To me, the downflooding potential is probably the scariest part of the apparent disregard for the force of water in modern designs. A downflooding event could sink a boat in short order, short out electronics, and trigger a catastrophic chain of events faster than almost anything else. Things like the huge sliding glass doors I see on big catamarans and tapered companionway boards that would very likely float free immediately should the cockpit flood are just two examples of scoffing at Neptune. I often see things that look like window shutters on companionway openings. I think a lot of these designs come from the drawing boards for powerboats which are never meant to actually go very far from shore.


----------



## SVAuspicious (Oct 31, 2006)

jzk said:


> The Sense 50 & 55 have clear boards that recess down with a push of a button. It is kind of cool as long as there is a very easy manual way to raise them if the electric fails.


I recently worked on a Beneteau 50 with that closure. It is kind of cool. It's pretty slow and I suspect would contribute to people leaving it open when it shouldn't be.



smurphny said:


> To me, the downflooding potential is probably the scariest part of the apparent disregard for the force of water in modern designs.
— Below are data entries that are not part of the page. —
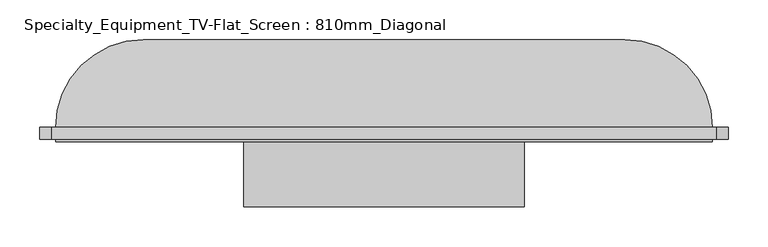
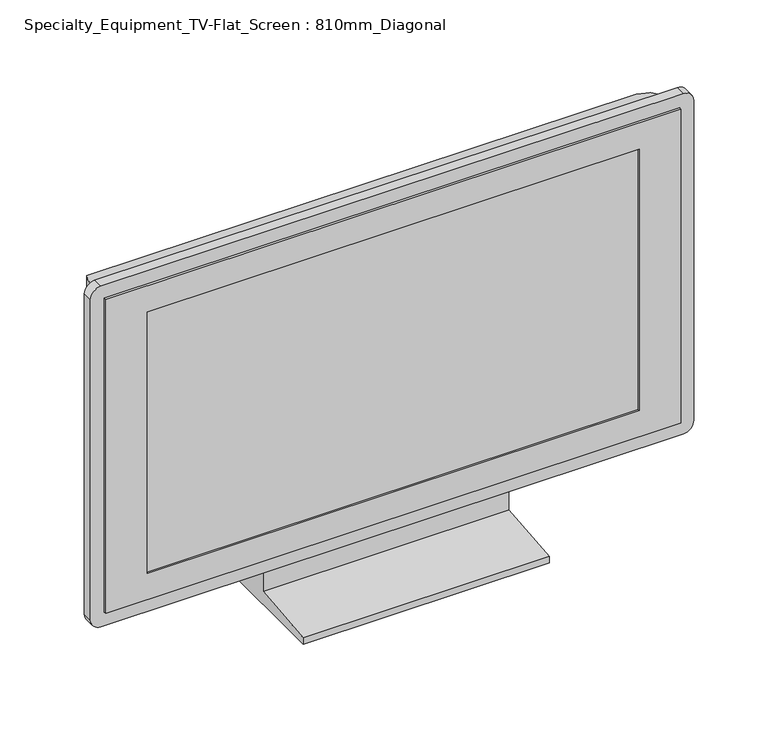
"""IFC4 building model written with IfcOpenShell, lengths in millimetres: proxy geometry, Specialty_Equipment_TV-Flat_Screen : 810mm_Diagonal."""

import ifcopenshell
import ifcopenshell.guid

model = None  # the IFC model being written
_history = None  # IfcOwnerHistory: only IFC2X3 demands one
_inside = {}  # id of a spatial element -> (the spatial element, [elements in it])
_under = {}  # id of a project, library or spatial element -> (it, [spatial elements below it])
_declared = {}  # id of a project -> (the project, [libraries it declares])
_typed = {}  # id of a type object -> (the type object, [elements of that type])
_made_of = {}  # id of a material, layer set ... -> (it, [elements and type objects made of it])


def new_model(schema):
    """Start an empty IFC model of exactly this schema.

    Asked for "IFC4X3", IfcOpenShell would pick the latest addendum, in which some entities
    have other attributes; the version numbers below select the first issue.
    IFC2X3 requires an IfcOwnerHistory on every rooted entity: one is made here for all.
    """
    global model, _history
    if schema == "IFC4X3":
        model = ifcopenshell.file(schema_version=(4, 3, 0, 0))
    else:
        model = ifcopenshell.file(schema=schema)
    _inside.clear()
    _under.clear()
    _declared.clear()
    _typed.clear()
    _made_of.clear()
    _history = None
    if model.schema == "IFC2X3":
        org = make("IfcOrganization", Name="unknown")
        user = make(
            "IfcPersonAndOrganization",
            ThePerson=make("IfcPerson", FamilyName="unknown"),
            TheOrganization=org,
        )
        app = make(
            "IfcApplication",
            ApplicationDeveloper=org,
            Version="unknown",
            ApplicationFullName="unknown",
            ApplicationIdentifier="unknown",
        )
        _history = make(
            "IfcOwnerHistory",
            OwningUser=user,
            OwningApplication=app,
            ChangeAction="ADDED",
            CreationDate=0,
        )
    return model


def make(cls, **values):
    """One entity of the class cls with the attributes given. An attribute that is None is left unset."""
    return model.create_entity(
        cls, **{name: value for name, value in values.items() if value is not None}
    )


def rooted(cls, **values):
    """An entity with a GlobalId (a new one), such as an element, a storey or a relation."""
    return make(cls, GlobalId=ifcopenshell.guid.new(), OwnerHistory=_history, **values)


def si_unit(unit_type, name, prefix=None):
    """IfcSIUnit, for example si_unit("LENGTHUNIT", "METRE", prefix="MILLI")."""
    return make("IfcSIUnit", UnitType=unit_type, Prefix=prefix, Name=name)


def assignment(units):
    """IfcUnitAssignment: the units of a project."""
    return None if units is None else make("IfcUnitAssignment", Units=units)


def point(xyz):
    """IfcCartesianPoint."""
    return None if xyz is None else make("IfcCartesianPoint", Coordinates=xyz)


def direction(xyz):
    """IfcDirection."""
    return None if xyz is None else make("IfcDirection", DirectionRatios=xyz)


def frame(location, z_axis=None, x_axis=None):
    """IfcAxis2Placement3D, a coordinate frame: its origin and axes. An axis left out is left unset."""
    return make(
        "IfcAxis2Placement3D",
        Location=point(location),
        Axis=direction(z_axis),
        RefDirection=direction(x_axis),
    )


def frame_2d(location, x_axis=None):
    """IfcAxis2Placement2D, a coordinate frame in the plane: its origin and x axis."""
    return make(
        "IfcAxis2Placement2D", Location=point(location), RefDirection=direction(x_axis)
    )


def origin():
    """The frame at (0, 0, 0) with its axes left unset."""
    return frame((0.0, 0.0, 0.0))


def place(relative_to, where):
    """IfcLocalPlacement: puts the frame where relative to a parent placement (None: the world)."""
    return make(
        "IfcLocalPlacement", PlacementRelTo=relative_to, RelativePlacement=where
    )


def context(
    kind, dimensions, precision=None, world=None, true_north=None, identifier=None
):
    """IfcGeometricRepresentationContext, for example the 3D "Model" context."""
    return make(
        "IfcGeometricRepresentationContext",
        ContextIdentifier=identifier,
        ContextType=kind,
        CoordinateSpaceDimension=dimensions,
        Precision=precision,
        WorldCoordinateSystem=world,
        TrueNorth=true_north,
    )


def project(units=None, contexts=None):
    """IfcProject with its units and contexts."""
    return rooted(
        "IfcProject",
        Name="project",
        RepresentationContexts=contexts,
        UnitsInContext=assignment(units),
    )


def spatial(cls, under=None, at=None, **own):
    """A site, building, storey or space (cls), placed at a placement, below another one or the project."""
    s = rooted(cls, ObjectPlacement=at, **own)
    if under is not None:
        _under.setdefault(under.id(), (under, []))[1].append(s)
    return s


def polyline(points):
    """IfcPolyline through the points."""
    return make("IfcPolyline", Points=[point(p) for p in points])


def circle_curve(where, radius):
    """IfcCircle in the frame where."""
    return make("IfcCircle", Position=where, Radius=radius)


def ellipse_curve(where, semi_axis1, semi_axis2):
    """IfcEllipse in the frame where."""
    return make(
        "IfcEllipse", Position=where, SemiAxis1=semi_axis1, SemiAxis2=semi_axis2
    )


def trimmed(basis, trim1, trim2, sense, master):
    """IfcTrimmedCurve: the piece of a basis curve between two trims."""
    return make(
        "IfcTrimmedCurve",
        BasisCurve=basis,
        Trim1=trim1,
        Trim2=trim2,
        SenseAgreement=sense,
        MasterRepresentation=master,
    )


def segment(curve, same_sense, transition):
    """IfcCompositeCurveSegment."""
    return make(
        "IfcCompositeCurveSegment",
        Transition=transition,
        SameSense=same_sense,
        ParentCurve=curve,
    )


def composite_curve(segments, self_intersect=None):
    """IfcCompositeCurve: segments joined end to end."""
    return make("IfcCompositeCurve", Segments=segments, SelfIntersect=self_intersect)


def outline(outer, holes=None, kind="AREA"):
    """IfcArbitraryClosedProfileDef: a profile drawn as a closed curve; with holes, ...WithVoids."""
    if holes is None:
        return make("IfcArbitraryClosedProfileDef", ProfileType=kind, OuterCurve=outer)
    return make(
        "IfcArbitraryProfileDefWithVoids",
        ProfileType=kind,
        OuterCurve=outer,
        InnerCurves=holes,
    )


def extrude(swept, where, along, depth):
    """IfcExtrudedAreaSolid: the profile swept, set in the frame where, extruded along a direction by depth."""
    return make(
        "IfcExtrudedAreaSolid",
        SweptArea=swept,
        Position=where,
        ExtrudedDirection=direction(along),
        Depth=depth,
    )


def faces_of(points, faces, orient=None, outer=None):
    """IfcFace entities. A face is a list of loops; a loop is a list of indices into points, from 0.

    orient and outer hold one flag for each loop. By default every Orientation is true, the
    first loop of a face is its IfcFaceOuterBound and the others are IfcFaceBound.
    """
    made = []
    for i, loops in enumerate(faces):
        bounds = []
        for j, loop in enumerate(loops):
            is_outer = j == 0 if outer is None else outer[i][j]
            bounds.append(
                make(
                    "IfcFaceOuterBound" if is_outer else "IfcFaceBound",
                    Bound=make("IfcPolyLoop", Polygon=[points[k] for k in loop]),
                    Orientation=True if orient is None else orient[i][j],
                )
            )
        made.append(make("IfcFace", Bounds=bounds))
    return made


def faceted_brep(points, faces, orient=None, outer=None, voids=None):
    """IfcFacetedBrep: a solid bounded by flat faces; with voids (closed shells), ...WithVoids."""
    shared = [point(p) for p in points]
    hull = make("IfcClosedShell", CfsFaces=faces_of(shared, faces, orient, outer))
    if voids is None:
        return make("IfcFacetedBrep", Outer=hull)
    return make(
        "IfcFacetedBrepWithVoids",
        Outer=hull,
        Voids=[
            make(cls, CfsFaces=faces_of(shared, fs, o, b)) for cls, fs, o, b in voids
        ],
    )


def shape(context_of_items, identifier, shape_type, items):
    """IfcShapeRepresentation: the items that make up one representation, for example the "Body"."""
    return make(
        "IfcShapeRepresentation",
        ContextOfItems=context_of_items,
        RepresentationIdentifier=identifier,
        RepresentationType=shape_type,
        Items=items,
    )


def source(mapping_origin, context_of_items, identifier, shape_type, items):
    """IfcRepresentationMap: a shape defined once, which mapped items show again and again."""
    return make(
        "IfcRepresentationMap",
        MappingOrigin=mapping_origin,
        MappedRepresentation=shape(context_of_items, identifier, shape_type, items),
    )


def transform(
    local_origin,
    x_axis=None,
    y_axis=None,
    z_axis=None,
    scale=None,
    scale2=None,
    scale3=None,
    uniform=True,
):
    """IfcCartesianTransformationOperator3D, or its non-uniform kind. x_axis, y_axis, z_axis: its Axis1, 2, 3."""
    if uniform:
        return make(
            "IfcCartesianTransformationOperator3D",
            Axis1=direction(x_axis),
            Axis2=direction(y_axis),
            LocalOrigin=point(local_origin),
            Scale=scale,
            Axis3=direction(z_axis),
        )
    return make(
        "IfcCartesianTransformationOperator3DnonUniform",
        Axis1=direction(x_axis),
        Axis2=direction(y_axis),
        LocalOrigin=point(local_origin),
        Scale=scale,
        Axis3=direction(z_axis),
        Scale2=scale2,
        Scale3=scale3,
    )


def mapped(mapping_source, mapping_target):
    """IfcMappedItem: shows the shape of a source again, moved by a transform."""
    return make(
        "IfcMappedItem", MappingSource=mapping_source, MappingTarget=mapping_target
    )


def made_of(thing, what):
    """Note that an element or type object is made of a material, layer set ...; save() writes the relation."""
    if what is not None:
        _made_of.setdefault(what.id(), (what, []))[1].append(thing)
    return thing


def element(
    cls,
    number,
    at=None,
    inside=None,
    cuts=None,
    type_object=None,
    material=None,
    context=None,
    identifier="Body",
    shape_type=None,
    held_by="IfcProductDefinitionShape",
    body=None,
    shapes=None,
    **own,
):
    """One element of the class cls, such as IfcWall. Its Tag is "e" and its number.

    at: its placement. inside: the storey or other place that contains it. cuts: it is an
    opening in that element (IfcRelVoidsElement). A single representation is given by context,
    identifier, shape_type and body (its items); several are given by shapes. held_by: the class
    of the entity that holds the representations. save() writes the other relations.
    """
    e = rooted(cls, Tag="e%d" % number, ObjectPlacement=at, **own)
    if body is not None:
        shapes = [shape(context, identifier, shape_type, body)]
    if shapes is not None:
        e.Representation = make(held_by, Representations=shapes)
    if inside is not None:
        _inside.setdefault(inside.id(), (inside, []))[1].append(e)
    if cuts is not None:
        rooted(
            "IfcRelVoidsElement", RelatingBuildingElement=cuts, RelatedOpeningElement=e
        )
    if type_object is not None:
        _typed.setdefault(type_object.id(), (type_object, []))[1].append(e)
    return made_of(e, material)


def aggregate(whole, parts):
    """IfcRelAggregates: a whole, such as a stair, and the parts it consists of."""
    return rooted("IfcRelAggregates", RelatingObject=whole, RelatedObjects=parts)


def save(model, path):
    """Write the relations noted so far, then the file.

    IfcRelAggregates (storeys below a building ...), IfcRelContainedInSpatialStructure (elements
    in a storey), IfcRelDefinesByType, IfcRelAssociatesMaterial and IfcRelDeclares: one each for
    every whole, place, type object, material and project.
    """
    for whole, parts in _under.values():
        aggregate(whole, parts)
    for where, things in _inside.values():
        rooted(
            "IfcRelContainedInSpatialStructure",
            RelatedElements=things,
            RelatingStructure=where,
        )
    for kind, things in _typed.values():
        rooted("IfcRelDefinesByType", RelatedObjects=things, RelatingType=kind)
    for what, things in _made_of.values():
        rooted("IfcRelAssociatesMaterial", RelatedObjects=things, RelatingMaterial=what)
    for by, libraries in _declared.values():
        rooted("IfcRelDeclares", RelatingContext=by, RelatedDefinitions=libraries)
    model.write(path)


def plane_surface(at):
    """IfcPlane: the flat surface through the origin of the frame at, square to its z axis."""
    return make("IfcPlane", Position=at)


def cylinder_surface(at, radius):
    """IfcCylindricalSurface: all points at the distance radius from the z axis of the frame at."""
    return make("IfcCylindricalSurface", Position=at, Radius=radius)


def advanced_brep(points, edges, surfaces, faces):
    """IfcAdvancedBrep: a solid bounded by faces that lie on surfaces and meet in shared edges.

    An edge is (start, end): straight between two places in points (the first is 0);
    or (start, end, curve); or (start, end, curve, False) where it runs against its curve.
    A face is (place in surfaces, loops), or (place, loops, False) where it looks against
    its surface's normal. A loop lists edges by number (the first is 1), with a minus sign
    where the edge is run from its end to its start. The first loop is the outer one.
    """
    corners = [point(p) for p in points]
    vertices = [make("IfcVertexPoint", VertexGeometry=c) for c in corners]
    made = []
    for start, end, *more in edges:
        made.append(
            make(
                "IfcEdgeCurve",
                EdgeStart=vertices[start],
                EdgeEnd=vertices[end],
                EdgeGeometry=more[0] if more else make("IfcPolyline", Points=[corners[start], corners[end]]),
                SameSense=more[1] if len(more) > 1 else True,
            )
        )
    hull = []
    for where, loops, *sense in faces:
        bounds = []
        for j, loop in enumerate(loops):
            ring = [make("IfcOrientedEdge", EdgeElement=made[abs(k) - 1], Orientation=k > 0) for k in loop]
            bounds.append(
                make(
                    "IfcFaceOuterBound" if j == 0 else "IfcFaceBound",
                    Bound=make("IfcEdgeLoop", EdgeList=ring),
                    Orientation=True,
                )
            )
        hull.append(make("IfcAdvancedFace", Bounds=bounds, FaceSurface=surfaces[where], SameSense=sense[0] if sense else True))
    return make("IfcAdvancedBrep", Outer=make("IfcClosedShell", CfsFaces=hull))


def specialty_equipment_tv_flat_screen_810mm_diagonal_56245f3a(model_context):
    return source(origin(), model_context, "Body", "SolidModel", [
        extrude(outline(polyline([(-51.4613764, 80.0), (-1.4613764, 80.0), (48.5386236, 0.0), (-151.4613764, 0.0), (-151.4613764, 10.0), (-51.4613764, 20.0), (-51.4613764, 80.0)])), frame((-180.4346678, 0.0, 0.0), z_axis=(1.0, 0.0, 0.0), x_axis=(0.0, 1.0, 0.0)), (0.0, 0.0, 1.0), 352.9803073),
        faceted_brep([(409.0357931, -69.4613764, 557.1392838), (-416.9248214, -69.4613764, 557.1392838), (-416.9248214, -69.4613764, 80.0), (409.0357931, -69.4613764, 80.0), (-356.9248214, -69.4613764, 517.1392838), (349.0357931, -69.4613764, 517.1392838), (349.0357931, -69.4613764, 120.0), (-356.9248214, -69.4613764, 120.0), (409.0357931, -51.4613764, 557.1392838), (409.0357931, -51.4613764, 80.0), (-416.9248214, -51.4613764, 80.0), (-416.9248214, -51.4613764, 557.1392838), (-356.9248214, -66.4613764, 517.1392838), (-356.9248214, -66.4613764, 120.0), (349.0357931, -66.4613764, 120.0), (349.0357931, -66.4613764, 517.1392838)], [[[0, 1, 2, 3], [4, 5, 6, 7]], [[8, 9, 10, 11]], [[1, 0, 8, 11]], [[2, 1, 11, 10]], [[3, 2, 10, 9]], [[0, 3, 9, 8]], [[12, 13, 14, 15]], [[12, 15, 5, 4]], [[15, 14, 6, 5]], [[14, 13, 7, 6]], [[13, 12, 4, 7]]]),
        extrude(outline(composite_curve([segment(polyline([(577.1392838, 414.0357931), (577.1392838, -421.9248214)]), True, "CONTINUOUS"), segment(trimmed(circle_curve(frame_2d((562.1392838, -421.9248214)), 15.0), [point((577.1392838, -421.9248214))], [point((562.1392838, -436.9248214))], False, "CARTESIAN"), True, "CONTINUOUS"), segment(polyline([(562.1392838, -436.9248214), (75.0, -436.9248214)]), True, "CONTINUOUS"), segment(trimmed(circle_curve(frame_2d((75.0, -421.9248214)), 15.0), [point((75.0, -436.9248214))], [point((60.0, -421.9248214))], False, "CARTESIAN"), True, "CONTINUOUS"), segment(polyline([(60.0, -421.9248214), (60.0, 414.0357931)]), True, "CONTINUOUS"), segment(trimmed(circle_curve(frame_2d((75.0, 414.0357931)), 15.0), [point((60.0, 414.0357931))], [point((75.0, 429.0357931))], False, "CARTESIAN"), True, "CONTINUOUS"), segment(polyline([(75.0, 429.0357931), (562.1392838, 429.0357931)]), True, "CONTINUOUS"), segment(trimmed(circle_curve(frame_2d((562.1392838, 414.0357931)), 15.0), [point((562.1392838, 429.0357931))], [point((577.1392838, 414.0357931))], False, "CARTESIAN"), True, "CONTINUOUS")], self_intersect=False), holes=[polyline([(557.1392838, 409.0357931), (80.0, 409.0357931), (80.0, -416.9248214), (557.1392838, -416.9248214), (557.1392838, 409.0357931)])]), frame((0.0, -66.4613764, 0.0), z_axis=(0.0, 1.0, 0.0), x_axis=(0.0, 0.0, 1.0)), (0.0, 0.0, 1.0), 15.0),
        advanced_brep(
        [(-416.9248214, -51.4613764, 80.0), (409.0357931, -51.4613764, 80.0), (409.0357931, -51.4613764, 557.1392838), (-416.9248214, -51.4613764, 557.1392838), (299.0357931, 58.5386236, 80.0), (-306.9248214, 58.5386236, 80.0), (-306.9248214, 58.5386236, 447.1392838), (299.0357931, 58.5386236, 447.1392838)],
        [
            (0, 1),
            (1, 2),
            (2, 3),
            (3, 0),
            (4, 5),
            (5, 6),
            (6, 7),
            (7, 4),
            (0, 5, circle_curve(frame((-306.9248214, -51.4613764, 80.0), z_axis=(0.0, 0.0, -1.0), x_axis=(-1.0, 0.0, 0.0)), 110.0)),
            (4, 1, circle_curve(frame((299.0357931, -51.4613764, 80.0), z_axis=(0.0, 0.0, -1.0), x_axis=(1.0, 0.0, 0.0)), 110.0)),
            (7, 2, ellipse_curve(frame((299.0357931, -51.4613764, 447.1392838), z_axis=(0.7071067811865475, 0.0, -0.7071067811865475), x_axis=(0.7071067811865474, 0.0, 0.7071067811865476)), 155.5634919, 110.0)),
            (6, 3, ellipse_curve(frame((-306.9248214, -51.4613764, 447.1392838), z_axis=(0.7071067811865475, 0.0, 0.7071067811865475), x_axis=(-0.7071067811865476, 0.0, 0.7071067811865474)), 155.5634919, 110.0)),
        ],
        [
            plane_surface(frame((-416.9248214, -51.4613764, 557.1392838), z_axis=(0.0, -1.0, 0.0), x_axis=(-1.0, 0.0, 0.0))),
            plane_surface(frame((-416.9248214, 58.5386236, 557.1392838), z_axis=(0.0, 1.0, 0.0), x_axis=(1.0, 0.0, 0.0))),
            plane_surface(frame((-416.9248214, -51.4613764, 80.0), z_axis=(0.0, 0.0, -1.0), x_axis=(0.0, 1.0, 0.0))),
            cylinder_surface(frame((299.0357931, -51.4613764, 80.0), z_axis=(0.0, 0.0, 1.0), x_axis=(1.0, 0.0, 0.0)), 110.0),
            cylinder_surface(frame((409.0357931, -51.4613764, 447.1392838), z_axis=(-1.0, 0.0, 0.0), x_axis=(0.0, 0.0, 1.0)), 110.0),
            cylinder_surface(frame((-306.9248214, -51.4613764, 557.1392838), z_axis=(0.0, 0.0, -1.0), x_axis=(-1.0, 0.0, 0.0)), 110.0),
        ],
        [
            (0, [[1, 2, 3, 4]]),
            (1, [[5, 6, 7, 8]]),
            (2, [[-1, 9, -5, 10]]),
            (3, [[11, -2, -10, -8]]),
            (4, [[-11, -7, 12, -3]]),
            (5, [[-12, -6, -9, -4]]),
        ],
    ),
    ])


if __name__ == "__main__":
    model = new_model("IFC4")
    model_context = context("Model", 3, world=origin())
    ifc_project = project(units=[si_unit("LENGTHUNIT", "METRE", prefix="MILLI")], contexts=[model_context])
    site = spatial("IfcSite", under=ifc_project)
    building = spatial("IfcBuilding", under=site)
    placement = place(None, origin())
    specialty_equipment_tv_flat_screen_810mm_diagonal_shape = specialty_equipment_tv_flat_screen_810mm_diagonal_56245f3a(model_context)
    element("IfcBuildingElementProxy", 1, Name="Specialty_Equipment_TV-Flat_Screen : 810mm_Diagonal", ObjectType="Specialty_Equipment_TV-Flat_Screen : 810mm_Diagonal", at=placement, inside=building, context=model_context, shape_type="MappedRepresentation", body=[
        mapped(specialty_equipment_tv_flat_screen_810mm_diagonal_shape, transform((0.0, 0.0, 0.0), x_axis=(1.0, 0.0, 0.0), y_axis=(0.0, 1.0, 0.0), z_axis=(0.0, 0.0, 1.0))),
    ])
    save(model, "model.ifc")

# Revit data of these elements
# Type "Specialty_Equipment_TV-Flat_Screen : 810mm_Diagonal"
#   SinAng = 0.49 mm
#   L = 705.961 mm
#   H = 397.139 mm
#   Thickness = 110 mm
#   Diagonal = 810 mm
#   CosAng = 0.872 mm
#   Stand [instance default] = yes
#   Default Elevation = 0
# Element 1 (IfcBuildingElementProxy, "Specialty_Equipment_TV-Flat_Screen : 810mm_Diagonal")
#   Materials on its faces: "TV - Black", "TV - Glass", "TV - Screen"
# Materials
#   "TV - Black": class "Miscellaneous", colour RGB 49 49 49, transparency 0
#   "TV - Glass": class "Miscellaneous", colour RGB 157 157 157, transparency 0.9
#   "TV - Screen": class "Miscellaneous", colour RGB 0 0 0, transparency 0

A downflooding event could sink a boat in short order, short out electronics, and trigger a catastrophic chain of events faster than almost anything else. Things like the huge sliding glass doors I see on big catamarans and tapered companionway boards that would very likely float free immediately should the cockpit flood are just two examples of scoffing at Neptune. I often see things that look like window shutters on companionway openings. I think a lot of these designs come from the drawing boards for powerboats which are never meant to actually go very far from shore.


Let's be clear - depending on cockpit size and what "full" means filling it with water could be anywhere between one and three tonnes (real ones -- 2240 lbs/long ton, about the same as a metric ton). That sounds like a lot but even if it all ended up below it should not sink a well found boat.

So if a higher than usual wave floods the cockpit and it all ends up below (which ignores cockpit drains and slowing of downflooding by bridge decks and boards) the boat won't sink. It may take a while to get the water out and there will be a big mess to clean up. Clearly if something else goes wrong during recovery events could really escalate and _that_ could sink the boat. I agree with your concern about a chain of events. Loss of navigation, contamination of drinking water, even soaking spare clothes and sleeping spaces could be steps toward a catastrophe.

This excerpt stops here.